What needs to be done –
Would you please retype, exactly, the lines of the listing below between the line with "import ezdxf" and the line with "doc.units = 0", inclusive?

Records –
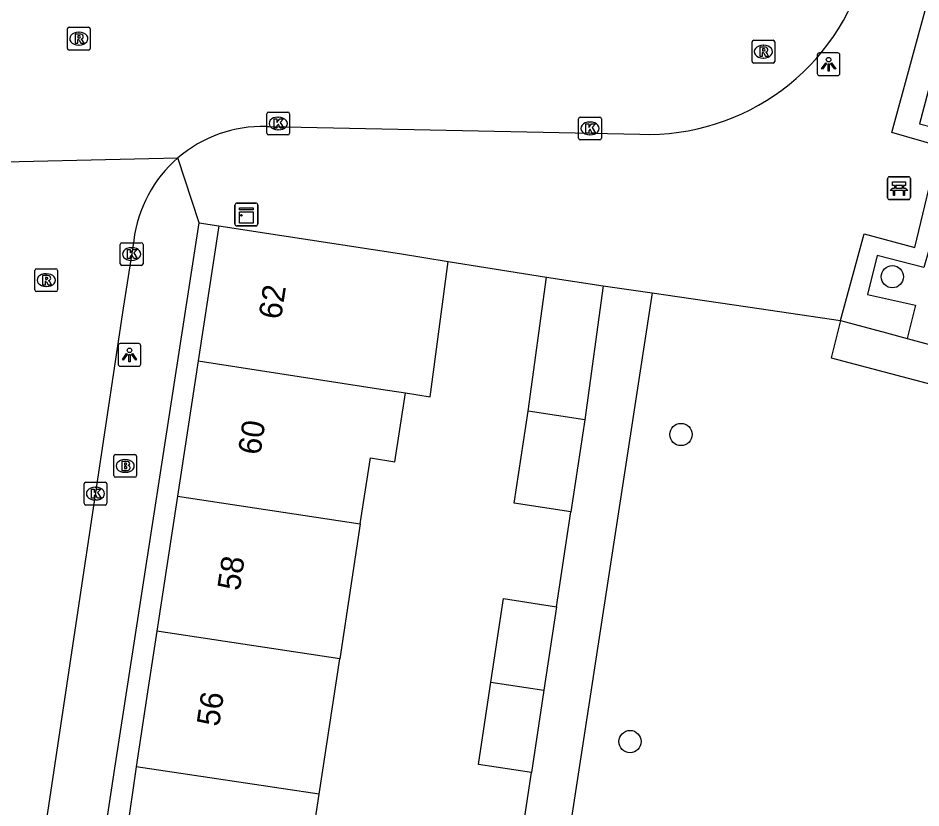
# Model space of a CAD drawing. Extents: x 161084 to 161928, y 385355 to 386522.
# Drawn here: x 161754.18 to 161793.85, y 385605.07 to 385639.75 of the extents above; entities that cross this region are included whole.
import ezdxf

# ---------------------------------------------------------------- set-up
doc = ezdxf.new("R2010")
doc.units = 0
for name, color, linetype in [('IMGEO_Bank', 7, 'Continuous'), ('IMGEO_Boom', 7, 'Continuous'), ('IMGEO_Brandkraan', 7, 'Continuous'), ('IMGEO_Groenvoorziening', 7, 'Continuous'), ('IMGEO_Kast', 7, 'Continuous'), ('IMGEO_Kolk', 7, 'Continuous'), ('IMGEO_Lichtpunt', 7, 'Continuous'), ('IMGEO_Muur', 7, 'Continuous'), ('IMGEO_Pand', 7, 'Continuous'), ('IMGEO_Pand_nummerreeks', 7, 'Continuous'), ('IMGEO_Rijbaan_lokaal_open', 7, 'Continuous'), ('IMGEO_Rioolput', 7, 'Continuous'), ('IMGEO_Voetpad_open', 7, 'Continuous')]:
    doc.layers.add(name, color=color, linetype=linetype)

msp = doc.modelspace()

# ---------------------------------------------------------------- linework, layer by layer
at = {"layer": 'IMGEO_Bank'}
for p, q in [((161792.383, 385631.86), (161792.383, 385632.701)), ((161792.383, 385632.701), (161792.383, 385631.86)), ((161792.458, 385632.785), (161793.299, 385632.785)), ((161793.299, 385632.785), (161792.458, 385632.785)), ((161793.383, 385632.71), (161793.383, 385631.869)), ((161793.383, 385631.869), (161793.383, 385632.71)), ((161792.692, 385632.291), (161792.692, 385632.397)), ((161792.736, 385632.397), (161792.736, 385632.291)), ((161793.024, 385632.403), (161792.742, 385632.403)), ((161792.742, 385632.285), (161793.024, 385632.285)), ((161793.03, 385632.291), (161793.03, 385632.397)), ((161793.074, 385632.397), (161793.074, 385632.291)), ((161793.08, 385632.183), (161792.687, 385632.183)), ((161793.308, 385631.785), (161792.467, 385631.785)), ((161792.467, 385631.785), (161793.308, 385631.785))]:
    msp.add_line(p, q, dxfattribs=at)
for points in [[(161792.63, 385632.183), (161792.488, 385632.183), (161792.6, 385632.285), (161792.686, 385632.285)], [(161792.686, 385632.403), (161792.6, 385632.403), (161792.6, 385632.564), (161793.163, 385632.564), (161793.163, 385632.403), (161793.08, 385632.403)], [(161793.08, 385632.285), (161793.163, 385632.285), (161793.275, 385632.183), (161793.136, 385632.183)], [(161792.68, 385632.176), (161792.68, 385631.969), (161792.637, 385631.969), (161792.637, 385632.176)], [(161793.13, 385632.176), (161793.13, 385631.969), (161793.086, 385631.969), (161793.086, 385632.176)]]:
    msp.add_lwpolyline(points, dxfattribs=at)
for centre, radius, start, end in [((161792.461, 385632.707), 0.0779, 92.4484, 184.2845), ((161792.461, 385632.707), 0.0779, 92.4484, 184.2845), ((161793.305, 385632.707), 0.0779, 2.4484, 94.2845), ((161793.305, 385632.707), 0.0779, 2.4484, 94.2845), ((161792.685, 385632.396), 0.00671, 2.8957, 87.1043), ((161792.685, 385632.292), 0.00671, 272.8957, 357.1043), ((161792.742, 385632.396), 0.00671, 92.8957, 177.1043), ((161792.742, 385632.292), 0.00671, 182.8957, 267.1043), ((161793.024, 385632.396), 0.00671, 2.8957, 87.1043), ((161793.024, 385632.292), 0.00671, 272.8957, 357.1043), ((161793.081, 385632.396), 0.00671, 92.8957, 177.1043), ((161793.081, 385632.292), 0.00671, 182.8957, 267.1043), ((161792.63, 385632.176), 0.00671, 2.8957, 87.1043), ((161792.687, 385632.176), 0.00671, 92.8957, 177.1043), ((161793.079, 385632.176), 0.00671, 2.8957, 87.1043), ((161793.136, 385632.176), 0.00671, 92.8957, 177.1043), ((161792.461, 385631.863), 0.0779, 182.4484, 274.2845), ((161792.461, 385631.863), 0.0779, 182.4484, 274.2845), ((161793.305, 385631.863), 0.0779, 272.4484, 4.2845), ((161793.305, 385631.863), 0.0779, 272.4484, 4.2845)]:
    msp.add_arc(centre, radius, start, end, dxfattribs=at)
at = {"layer": 'IMGEO_Boom'}
for centre in [(161792.59, 385628.394), (161783.304, 385621.465), (161781.068, 385607.981)]:
    msp.add_circle(centre, 0.489, dxfattribs=at)
at = {"layer": 'IMGEO_Brandkraan'}
for p, q in [((161758.389, 385619.661), (161758.389, 385620.513)), ((161758.464, 385620.587), (161759.316, 385620.587)), ((161759.39, 385620.513), (161759.39, 385619.661)), ((161758.877, 385620.367), (161758.902, 385620.367)), ((161758.9, 385619.807), (161758.875, 385619.807)), ((161759.316, 385619.587), (161758.464, 385619.587))]:
    msp.add_line(p, q, dxfattribs=at)
for points in [[(161758.389, 385619.661), (161758.389, 385620.513)], [(161758.464, 385620.587), (161759.316, 385620.587)], [(161759.39, 385620.513), (161759.39, 385619.661)], [(161758.737, 385620.287), (161758.737, 385619.887), (161758.95, 385619.887)], [(161758.968, 385620.287), (161758.737, 385620.287)], [(161758.916, 385620.206), (161758.862, 385620.206), (161758.862, 385620.13)], [(161758.862, 385620.13), (161758.915, 385620.13)], [(161758.924, 385620.054), (161758.862, 385620.054), (161758.862, 385619.973)], [(161758.862, 385619.973), (161758.924, 385619.973)], [(161759.316, 385619.587), (161758.464, 385619.587)]]:
    msp.add_lwpolyline(points, dxfattribs=at)
for centre, radius, start, end in [((161758.466, 385620.511), 0.0765, 91.552, 178.448), ((161758.466, 385620.511), 0.0765, 91.552, 178.448), ((161759.314, 385620.511), 0.0765, 1.552, 88.448), ((161759.314, 385620.511), 0.0765, 1.552, 88.448), ((161758.917, 385620.168), 0.0379, 267.8285, 90.9355), ((161758.925, 385620.013), 0.0404, 269.8759, 90.5077), ((161758.972, 385620.142), 0.145, 59.4692, 91.5367), ((161758.997, 385620.189), 0.0922, 285.5137, 58.1501), ((161759.002, 385619.997), 0.105, 301.3115, 78.989), ((161758.466, 385619.663), 0.0765, 181.552, 268.448), ((161758.466, 385619.663), 0.0765, 181.552, 268.448), ((161758.956, 385620.138), 0.251, 268.6676, 293.5347), ((161759.314, 385619.663), 0.0765, 271.552, 358.448), ((161759.314, 385619.663), 0.0765, 271.552, 358.448)]:
    msp.add_arc(centre, radius, start, end, dxfattribs=at)
for centre, major_axis, ratio, start_param, end_param in [((161758.876, 385620.087), (-0.387, 0.002), 0.722429, 4.712389, 7.853982), ((161758.901, 385620.087), (-0.39, 0.002), 0.717154, 1.570796, 4.712389)]:
    msp.add_ellipse(centre, major_axis=major_axis, ratio=ratio, start_param=start_param, end_param=end_param, dxfattribs=at)
at = {"layer": 'IMGEO_Groenvoorziening'}
msp.add_lwpolyline([(161797.155, 385643.154), (161796.882, 385642.02), (161795.698, 385642.353), (161793.788, 385635.104), (161795.489, 385634.671), (161794.189, 385629.568), (161793.969, 385628.8), (161791.921, 385629.331), (161791.498, 385627.619), (161793.611, 385627.142), (161793.245, 385625.68)], dxfattribs=at)
at = {"layer": 'IMGEO_Kast'}
for p, q in [((161763.713, 385630.702), (161763.713, 385631.543)), ((161763.713, 385631.543), (161763.713, 385630.702)), ((161763.788, 385631.627), (161764.629, 385631.627)), ((161764.629, 385631.627), (161763.788, 385631.627)), ((161764.713, 385631.552), (161764.713, 385630.711)), ((161764.713, 385630.711), (161764.713, 385631.552)), ((161764.638, 385630.627), (161763.797, 385630.627)), ((161763.797, 385630.627), (161764.638, 385630.627))]:
    msp.add_line(p, q, dxfattribs=at)
for points in [[(161763.908, 385631.417), (161764.508, 385631.417), (161764.508, 385631.332), (161763.908, 385631.332), (161763.908, 385631.417)], [(161763.908, 385631.242), (161764.508, 385631.242), (161764.508, 385630.753), (161763.908, 385630.753), (161763.908, 385631.242)]]:
    msp.add_lwpolyline(points, dxfattribs=at)
msp.add_circle((161763.992, 385631.091), 0.0377, dxfattribs=at)
for centre, start, end in [((161763.791, 385631.549), 92.4484, 184.2845), ((161763.791, 385631.549), 92.4484, 184.2845), ((161764.635, 385631.549), 2.4484, 94.2845), ((161764.635, 385631.549), 2.4484, 94.2845), ((161763.791, 385630.705), 182.4484, 274.2845), ((161763.791, 385630.705), 182.4484, 274.2845), ((161764.635, 385630.705), 272.4484, 4.2845), ((161764.635, 385630.705), 272.4484, 4.2845)]:
    msp.add_arc(centre, 0.0779, start, end, dxfattribs=at)
at = {"layer": 'IMGEO_Kolk'}
for p, q in [((161765.111, 385634.698), (161765.111, 385635.55)), ((161765.186, 385635.624), (161766.038, 385635.624)), ((161766.112, 385635.55), (161766.112, 385634.698)), ((161765.599, 385635.404), (161765.624, 385635.404)), ((161778.807, 385634.48), (161778.807, 385635.332)), ((161778.882, 385635.406), (161779.734, 385635.406)), ((161779.295, 385635.186), (161779.32, 385635.186)), ((161779.808, 385635.332), (161779.808, 385634.48)), ((161765.622, 385634.844), (161765.597, 385634.844)), ((161766.038, 385634.624), (161765.186, 385634.624)), ((161779.734, 385634.406), (161778.882, 385634.406)), ((161779.318, 385634.626), (161779.293, 385634.626)), ((161758.671, 385628.964), (161758.671, 385629.816)), ((161758.746, 385629.89), (161759.598, 385629.89)), ((161759.159, 385629.67), (161759.184, 385629.67)), ((161759.672, 385629.816), (161759.672, 385628.964)), ((161759.182, 385629.11), (161759.157, 385629.11)), ((161759.598, 385628.89), (161758.746, 385628.89)), ((161757.083, 385618.444), (161757.083, 385619.296)), ((161757.158, 385619.37), (161758.01, 385619.37)), ((161758.084, 385619.296), (161758.084, 385618.444)), ((161757.571, 385619.15), (161757.596, 385619.15)), ((161757.594, 385618.59), (161757.569, 385618.59)), ((161758.01, 385618.37), (161757.158, 385618.37))]:
    msp.add_line(p, q, dxfattribs=at)
for points in [[(161765.111, 385634.698), (161765.111, 385635.55)], [(161765.186, 385635.624), (161766.038, 385635.624)], [(161766.112, 385635.55), (161766.112, 385634.698)], [(161765.432, 385635.324), (161765.555, 385635.324), (161765.555, 385635.173), (161765.685, 385635.324), (161765.849, 385635.324), (161765.703, 385635.173), (161765.856, 385634.924), (161765.704, 385634.924), (161765.619, 385635.088), (161765.555, 385635.021), (161765.555, 385634.924), (161765.432, 385634.924), (161765.432, 385635.324)], [(161778.807, 385634.48), (161778.807, 385635.332)], [(161778.882, 385635.406), (161779.734, 385635.406)], [(161779.128, 385635.106), (161779.251, 385635.106), (161779.251, 385634.955), (161779.381, 385635.106), (161779.545, 385635.106), (161779.399, 385634.955), (161779.552, 385634.706), (161779.4, 385634.706), (161779.315, 385634.87), (161779.251, 385634.803), (161779.251, 385634.706), (161779.128, 385634.706), (161779.128, 385635.106)], [(161779.808, 385635.332), (161779.808, 385634.48)], [(161766.038, 385634.624), (161765.186, 385634.624)], [(161779.734, 385634.406), (161778.882, 385634.406)], [(161758.671, 385628.964), (161758.671, 385629.816)], [(161758.746, 385629.89), (161759.598, 385629.89)], [(161758.992, 385629.59), (161759.115, 385629.59), (161759.115, 385629.439), (161759.245, 385629.59), (161759.409, 385629.59), (161759.263, 385629.439), (161759.416, 385629.19), (161759.264, 385629.19), (161759.179, 385629.354), (161759.115, 385629.287), (161759.115, 385629.19), (161758.992, 385629.19), (161758.992, 385629.59)], [(161759.672, 385629.816), (161759.672, 385628.964)], [(161759.598, 385628.89), (161758.746, 385628.89)], [(161757.083, 385618.444), (161757.083, 385619.296)], [(161757.158, 385619.37), (161758.01, 385619.37)], [(161758.084, 385619.296), (161758.084, 385618.444)], [(161757.404, 385619.07), (161757.527, 385619.07), (161757.527, 385618.919), (161757.657, 385619.07), (161757.821, 385619.07), (161757.675, 385618.919), (161757.828, 385618.67), (161757.676, 385618.67), (161757.591, 385618.834), (161757.527, 385618.767), (161757.527, 385618.67), (161757.404, 385618.67), (161757.404, 385619.07)], [(161758.01, 385618.37), (161757.158, 385618.37)]]:
    msp.add_lwpolyline(points, dxfattribs=at)
for centre, start, end in [((161765.188, 385635.548), 91.552, 178.448), ((161765.188, 385635.548), 91.552, 178.448), ((161766.036, 385635.548), 1.552, 88.448), ((161766.036, 385635.548), 1.552, 88.448), ((161778.884, 385635.33), 91.552, 178.448), ((161778.884, 385635.33), 91.552, 178.448), ((161779.732, 385635.33), 1.552, 88.448), ((161779.732, 385635.33), 1.552, 88.448), ((161765.188, 385634.7), 181.552, 268.448), ((161765.188, 385634.7), 181.552, 268.448), ((161766.036, 385634.7), 271.552, 358.448), ((161766.036, 385634.7), 271.552, 358.448), ((161778.884, 385634.482), 181.552, 268.448), ((161778.884, 385634.482), 181.552, 268.448), ((161779.732, 385634.482), 271.552, 358.448), ((161779.732, 385634.482), 271.552, 358.448), ((161758.748, 385629.814), 91.552, 178.448), ((161758.748, 385629.814), 91.552, 178.448), ((161759.596, 385629.814), 1.552, 88.448), ((161759.596, 385629.814), 1.552, 88.448), ((161758.748, 385628.966), 181.552, 268.448), ((161758.748, 385628.966), 181.552, 268.448), ((161759.596, 385628.966), 271.552, 358.448), ((161759.596, 385628.966), 271.552, 358.448), ((161757.16, 385619.294), 91.552, 178.448), ((161757.16, 385619.294), 91.552, 178.448), ((161758.008, 385619.294), 1.552, 88.448), ((161758.008, 385619.294), 1.552, 88.448), ((161757.16, 385618.446), 181.552, 268.448), ((161757.16, 385618.446), 181.552, 268.448), ((161758.008, 385618.446), 271.552, 358.448), ((161758.008, 385618.446), 271.552, 358.448)]:
    msp.add_arc(centre, 0.0765, start, end, dxfattribs=at)
for centre, major_axis, ratio, start_param, end_param in [((161765.598, 385635.124), (-0.387, 0.002), 0.722429, 4.712389, 7.853982), ((161765.623, 385635.124), (-0.39, 0.002), 0.717154, 1.570796, 4.712389), ((161779.294, 385634.906), (-0.387, 0.002), 0.722429, 4.712389, 7.853982), ((161779.319, 385634.906), (-0.39, 0.002), 0.717154, 1.570796, 4.712389), ((161759.158, 385629.39), (-0.387, 0.002), 0.722429, 4.712389, 7.853982), ((161759.183, 385629.39), (-0.39, 0.002), 0.717154, 1.570796, 4.712389), ((161757.57, 385618.87), (-0.387, 0.002), 0.722429, 4.712389, 7.853982), ((161757.595, 385618.87), (-0.39, 0.002), 0.717154, 1.570796, 4.712389)]:
    msp.add_ellipse(centre, major_axis=major_axis, ratio=ratio, start_param=start_param, end_param=end_param, dxfattribs=at)
at = {"layer": 'IMGEO_Lichtpunt'}
for p, q in [((161789.29, 385638.13), (161789.29, 385637.323)), ((161789.29, 385638.13), (161789.29, 385637.323)), ((161790.192, 385638.225), (161789.384, 385638.225)), ((161790.192, 385638.225), (161789.384, 385638.225)), ((161790.286, 385637.323), (161790.286, 385638.13)), ((161790.286, 385637.323), (161790.286, 385638.13)), ((161789.384, 385637.229), (161790.192, 385637.229)), ((161789.384, 385637.229), (161790.192, 385637.229)), ((161758.58, 385625.364), (161758.58, 385624.557)), ((161758.58, 385625.364), (161758.58, 385624.557)), ((161759.482, 385625.459), (161758.674, 385625.459)), ((161759.482, 385625.459), (161758.674, 385625.459)), ((161759.576, 385624.557), (161759.576, 385625.364)), ((161759.576, 385624.557), (161759.576, 385625.364)), ((161758.674, 385624.463), (161759.482, 385624.463)), ((161758.674, 385624.463), (161759.482, 385624.463))]:
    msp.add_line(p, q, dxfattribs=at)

Your response –
import ezdxf

# ---------------------------------------------------------------- set-up
doc = ezdxf.new("R2010")
doc.units = 0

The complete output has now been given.